**WORK REQUIRED**
With all pictures excluded, restate the records that follow exactly as written.

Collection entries
== == ==

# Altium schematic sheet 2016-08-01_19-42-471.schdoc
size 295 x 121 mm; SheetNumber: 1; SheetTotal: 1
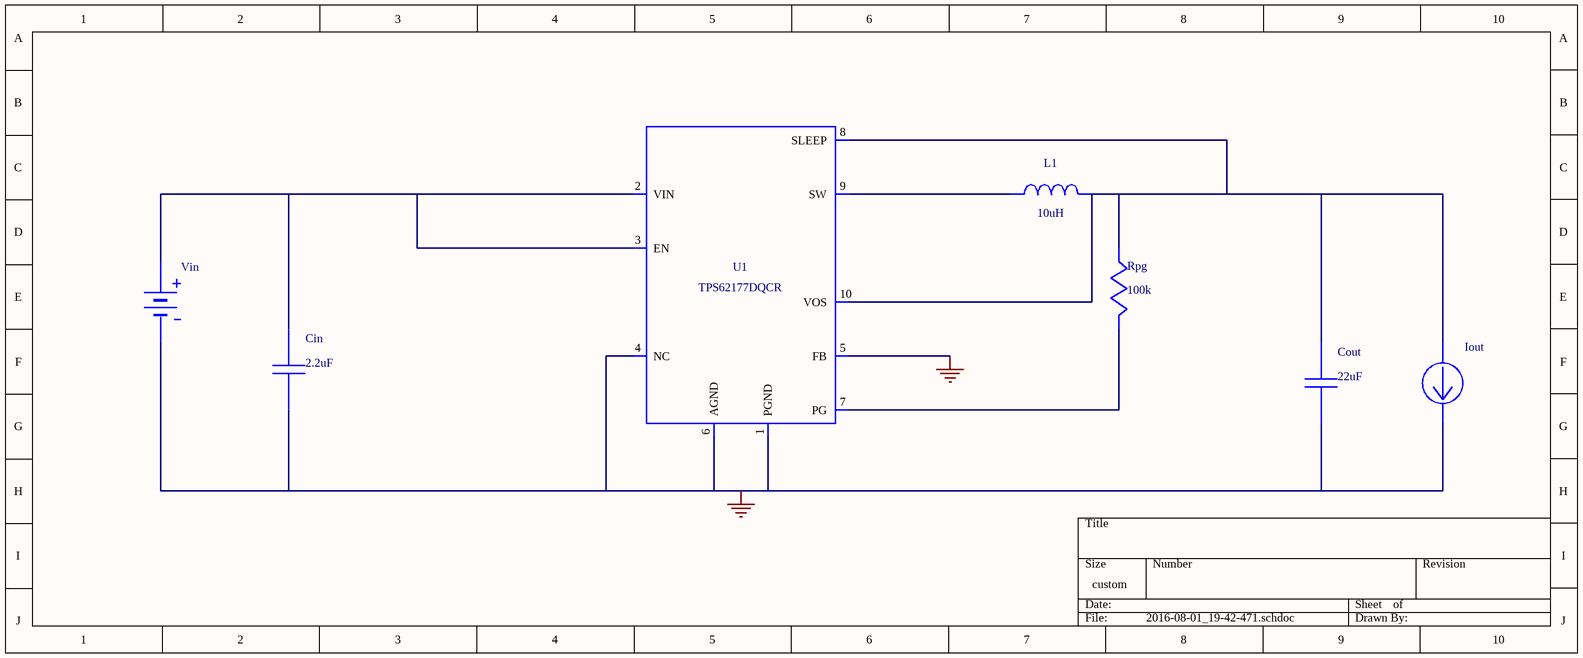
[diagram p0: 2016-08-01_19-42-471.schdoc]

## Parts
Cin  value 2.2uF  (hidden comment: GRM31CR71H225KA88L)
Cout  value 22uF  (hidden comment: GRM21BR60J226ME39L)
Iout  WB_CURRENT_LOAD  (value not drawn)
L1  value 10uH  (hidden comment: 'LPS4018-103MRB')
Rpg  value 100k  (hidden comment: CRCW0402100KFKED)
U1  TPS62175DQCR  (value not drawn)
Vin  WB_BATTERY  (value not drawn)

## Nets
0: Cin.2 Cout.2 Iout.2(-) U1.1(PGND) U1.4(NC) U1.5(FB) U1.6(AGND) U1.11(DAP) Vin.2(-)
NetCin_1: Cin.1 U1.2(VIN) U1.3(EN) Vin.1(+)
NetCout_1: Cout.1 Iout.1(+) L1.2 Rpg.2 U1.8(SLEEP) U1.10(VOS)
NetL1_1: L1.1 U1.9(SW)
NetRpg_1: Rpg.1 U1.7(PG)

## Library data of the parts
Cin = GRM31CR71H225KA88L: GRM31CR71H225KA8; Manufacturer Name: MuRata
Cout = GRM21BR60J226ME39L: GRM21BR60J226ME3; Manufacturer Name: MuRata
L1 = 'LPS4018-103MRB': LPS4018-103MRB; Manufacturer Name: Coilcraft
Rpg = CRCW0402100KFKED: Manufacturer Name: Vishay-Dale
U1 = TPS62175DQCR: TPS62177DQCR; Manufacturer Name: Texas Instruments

== == ==

**RESPONSE**
# Altium schematic sheet 2016-08-01_19-42-471.schdoc
size 295 x 121 mm; SheetNumber: 1; SheetTotal: 1
[diagram p0: 2016-08-01_19-42-471.schdoc]

## Parts
Cin  value 2.2uF  (hidden comment: GRM31CR71H225KA88L)
Cout  value 22uF  (hidden comment: GRM21BR60J226ME39L)
Iout  WB_CURRENT_LOAD  (value not drawn)
L1  value 10uH  (hidden comment: 'LPS4018-103MRB')
Rpg  value 100k  (hidden comment: CRCW0402100KFKED)
U1  TPS62175DQCR  (value not drawn)
Vin  WB_BATTERY  (value not drawn)

## Nets
0: Cin.2 Cout.2 Iout.2(-) U1.1(PGND) U1.4(NC) U1.5(FB) U1.6(AGND) U1.11(DAP) Vin.2(-)
NetCin_1: Cin.1 U1.2(VIN) U1.3(EN) Vin.1(+)
NetCout_1: Cout.1 Iout.1(+) L1.2 Rpg.2 U1.8(SLEEP) U1.10(VOS)
NetL1_1: L1.1 U1.9(SW)
NetRpg_1: Rpg.1 U1.7(PG)

## Library data of the parts
Cin = GRM31CR71H225KA88L: GRM31CR71H225KA8; Manufacturer Name: MuRata
Cout = GRM21BR60J226ME39L: GRM21BR60J226ME3; Manufacturer Name: MuRata
L1 = 'LPS4018-103MRB': LPS4018-103MRB; Manufacturer Name: Coilcraft
Rpg = CRCW0402100KFKED: Manufacturer Name: Vishay-Dale
U1 = TPS62175DQCR: TPS62177DQCR; Manufacturer Name: Texas Instruments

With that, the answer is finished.